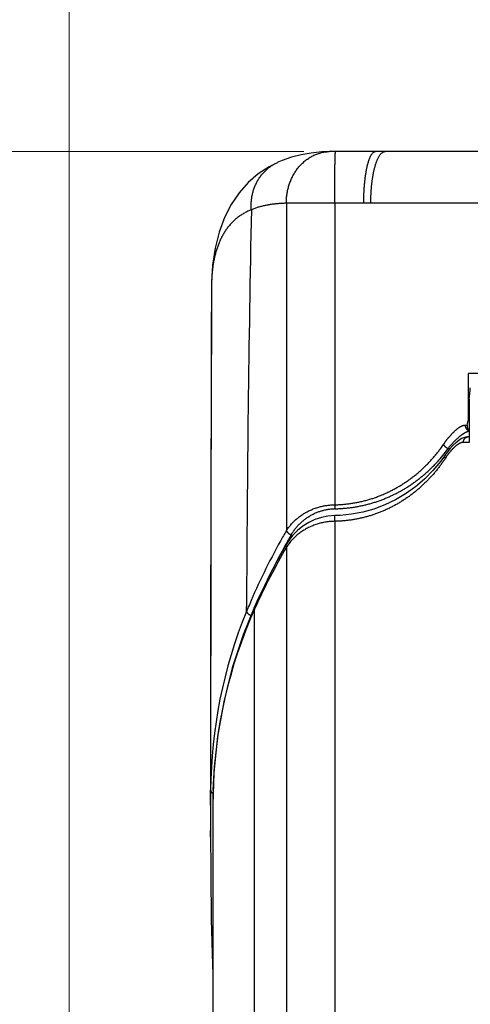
# Model space of a CAD drawing. Header units: millimetres. Extents: x 0 to 594, y 0 to 420.
# Tile 101 of 118: x 490 to 498, y 255 to 272. Entities that reach past the tile are written whole.
import ezdxf

# ---------------------------------------------------------------- set-up
doc = ezdxf.new("R2010")
doc.units = ezdxf.units.MM
doc.header["$LTSCALE"] = 0.257233
doc.layers.add('NoLayerName_001', color=7, linetype='Continuous')
doc.styles.get("Standard").update_dxf_attribs({"font": 'txt', "bigfont": 'extfont2'})
doc.dimstyles.get("Standard").update_dxf_attribs({"dimtxt": 2.5, "dimasz": 2.5, "dimexe": 1, "dimexo": 1, "dimtad": 1, "dimdec": 3, "dimzin": 0, "dimdsep": 46, "dimtxsty": 'Standard', "dimcen": 2.5, "dimadec": 3, "dimazin": 0, "dimtfac": 0.75, "dimtdec": 3, "dimtmove": 0, "dimatfit": 3, "dimfxl": 1, "dimarcsym": 0})

# ---------------------------------------------------------------- blocks, each defined once
blk = doc.blocks.new('_OPEN30')
at = {"color": 0, "linetype": 'ByBlock', "lineweight": -2}
for p, q in [((-1, 0.267949), (0, 0)), ((0, 0), (-1, -0.267949)), ((0, 0), (-1, 0))]:
    blk.add_line(p, q, dxfattribs=at)
blk = doc.blocks.new('*D32')
at = {"layer": 'Defpoints', "color": 0}
for p in [(496.691, 270.051), (474.382, 223.952), (488.491, 223.952)]:
    blk.add_point(p, dxfattribs=at)
at = {"layer": 'NoLayerName_001', "color": 0, "linetype": 'Continuous', "lineweight": 13}
for p, q in [((495.277, 270.051), (472.967, 270.051)), ((474.382, 267.93), (474.382, 226.073)), ((487.077, 223.952), (472.967, 223.952))]:
    blk.add_line(p, q, dxfattribs=at)
at = {"layer": 'NoLayerName_001', "color": 0, "lineweight": 13, "xscale": 2.121340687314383, "yscale": 2.121340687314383, "zscale": 2.121340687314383}
for p, rotation in [((474.382, 270.051), 90), ((474.382, 223.952), 270)]:
    blk.add_blockref('_OPEN30', p, dxfattribs=dict(at, rotation=rotation))
at = {"layer": 'NoLayerName_001', "color": 0, "lineweight": 13, "insert": (470.493, 247.001), "char_height": 4.94979, "attachment_point": 5, "rotation": 90}
blk.add_mtext('\\W0.8000;４６．５', dxfattribs=at)
blk = doc.blocks.new('*D33')
at = {"layer": 'Defpoints', "color": 0}
for p in [(496.691, 270.051), (464.17, 163.952), (488.491, 163.952)]:
    blk.add_point(p, dxfattribs=at)
at = {"layer": 'NoLayerName_001', "color": 0, "linetype": 'Continuous', "lineweight": 13}
for p, q in [((495.277, 270.051), (462.756, 270.051)), ((464.17, 267.93), (464.17, 166.073)), ((487.077, 163.952), (462.756, 163.952))]:
    blk.add_line(p, q, dxfattribs=at)
at = {"layer": 'NoLayerName_001', "color": 0, "lineweight": 13, "xscale": 2.121340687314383, "yscale": 2.121340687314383, "zscale": 2.121340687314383}
for p, rotation in [((464.17, 270.051), 90), ((464.17, 163.952), 270)]:
    blk.add_blockref('_OPEN30', p, dxfattribs=dict(at, rotation=rotation))
at = {"layer": 'NoLayerName_001', "color": 0, "lineweight": 13, "insert": (460.281, 217.001), "char_height": 4.94979, "attachment_point": 5, "rotation": 90}
blk.add_mtext('\\W0.8000;１０６．５', dxfattribs=at)
blk = doc.blocks.new('*D35')
at = {"layer": 'Defpoints', "color": 0}
for p in [(491.191, 277.576), (491.191, 237.651), (517.191, 237.651)]:
    blk.add_point(p, dxfattribs=at)
at = {"layer": 'NoLayerName_001', "color": 0, "linetype": 'Continuous', "lineweight": 13}
for p, q in [((491.191, 239.065), (491.191, 278.99)), ((517.191, 239.065), (517.191, 278.99)), ((515.07, 277.576), (493.313, 277.576))]:
    blk.add_line(p, q, dxfattribs=at)
at = {"layer": 'NoLayerName_001', "color": 0, "lineweight": 13, "xscale": 2.1213, "yscale": 2.1213, "zscale": 2.1213, "rotation": 180}
blk.add_blockref('_OPEN30', (491.191, 277.576), dxfattribs=at)
at = {"layer": 'NoLayerName_001', "color": 0, "lineweight": 13, "xscale": 2.1213, "yscale": 2.1213, "zscale": 2.1213}
blk.add_blockref('_OPEN30', (517.191, 277.576), dxfattribs=at)
at = {"layer": 'NoLayerName_001', "color": 0, "lineweight": 13, "insert": (504.191, 281.465), "char_height": 4.9497, "attachment_point": 5}
blk.add_mtext('\\W0.8000;26', dxfattribs=at)

msp = doc.modelspace()

# ---------------------------------------------------------------- linework, layer by layer
at = {"layer": 'NoLayerName_001', "color": 7, "linetype": 'Continuous', "lineweight": 25}
for p, q in [((495.8131, 270.0508), (495.7621, 270.0506)), ((496.6912, 270.0513), (495.8131, 270.0508)), ((496.6912, 270.0513), (496.5227, 270.0513)), ((498.9831, 270.0513), (496.6912, 270.0513)), ((494.8104, 269.8563), (494.8125, 269.8573)), ((493.6706, 267.7534), (493.666, 266.7727)), ((493.666, 266.7727), (493.6608, 265.4148)), ((498.1406, 265.3875), (498.1406, 266.1875)), ((500.6912, 266.1875), (498.1406, 266.1875)), ((498.1559, 265.7375), (498.1559, 264.9875)), ((498.1559, 265.3875), (498.1406, 265.3875)), ((498.148, 265.0875), (498.1196, 265.0855)), ((498.1559, 265.0875), (498.1485, 265.0875)), ((497.7393, 264.7689), (497.6603, 264.6591)), ((497.7554, 264.7922), (497.7392, 264.7688)), ((497.7392, 264.7688), (497.7393, 264.7689)), ((494.9715, 263.2104), (494.8998, 263.0847)), ((495.0034, 263.262), (494.9715, 263.2105)), ((493.6514, 259.2723), (493.6519, 258.116)), ((493.71, 259.2406), (493.6912, 258.6775)), ((493.6544, 258.932), (493.6519, 258.2328)), ((493.6912, 258.6775), (493.6912, 246.1013))]:
    msp.add_line(p, q, dxfattribs=at)
at = {"layer": 'NoLayerName_001', "color": 8, "linetype": 'Continuous', "lineweight": 25}
for p, q in [((494.9723, 269.1502), (494.9723, 263.4482)), ((495.8142, 269.1509), (495.8141, 263.9007)), ((496.4418, 269.1513), (495.8142, 269.1509)), ((501.1412, 269.1513), (496.4418, 269.1513)), ((493.6705, 267.7556), (493.6705, 267.7511)), ((498.0825, 265.2875), (498.1208, 265.2875)), ((497.788, 264.8822), (497.8264, 264.8822)), ((498.1559, 264.9875), (498.0536, 264.9875)), ((495.8141, 263.6128), (495.8142, 246.1013)), ((494.9723, 263.1603), (494.9723, 246.1013)), ((494.278, 262.0416), (494.2784, 262.1235)), ((494.4334, 262.1154), (494.4185, 262.0821)), ((494.4185, 246.1013), (494.4185, 262.0821)), ((493.653, 258.6727), (493.6542, 258.9067)), ((493.6542, 258.9067), (493.6544, 258.9313)), ((493.6519, 258.116), (493.6519, 258.2299))]:
    msp.add_line(p, q, dxfattribs=at)
at = {"layer": 'NoLayerName_001', "color": 7, "linetype": 'Continuous', "lineweight": 25}
for points in [[(495.7181, 270.0498), (495.588, 270.0435), (495.4049, 270.0249), (495.2278, 269.9938), (495.059, 269.9502), (494.901, 269.895), (494.8126, 269.8573)], [(495.7621, 270.0506), (495.7406, 270.0503), (495.7207, 270.0499), (495.7182, 270.0498)], [(494.8104, 269.8563), (494.6748, 269.7872), (494.4836, 269.6623), (494.3082, 269.5114), (494.1502, 269.3341), (494.0115, 269.1302), (493.8943, 268.9007), (493.8, 268.6455), (493.7304, 268.3675), (493.6869, 268.0699), (493.6705, 267.7535)], [(493.6608, 265.4148), (493.6586, 264.7056), (493.6566, 263.9805), (493.655, 263.2379), (493.6536, 262.4776), (493.6526, 261.7004), (493.6518, 260.9069), (493.6514, 260.0973), (493.6514, 259.2723)], [(498.0228, 265.052), (497.9736, 265.0212), (497.9225, 264.9808)], [(498.1196, 265.0855), (498.0716, 265.0737), (498.0228, 265.052)], [(497.9225, 264.9808), (497.869, 264.9299), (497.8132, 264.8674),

__Exercise prompt__: Find how many lines of the material include the string "rotation". Nothing but the number should be given.

__Output__: 7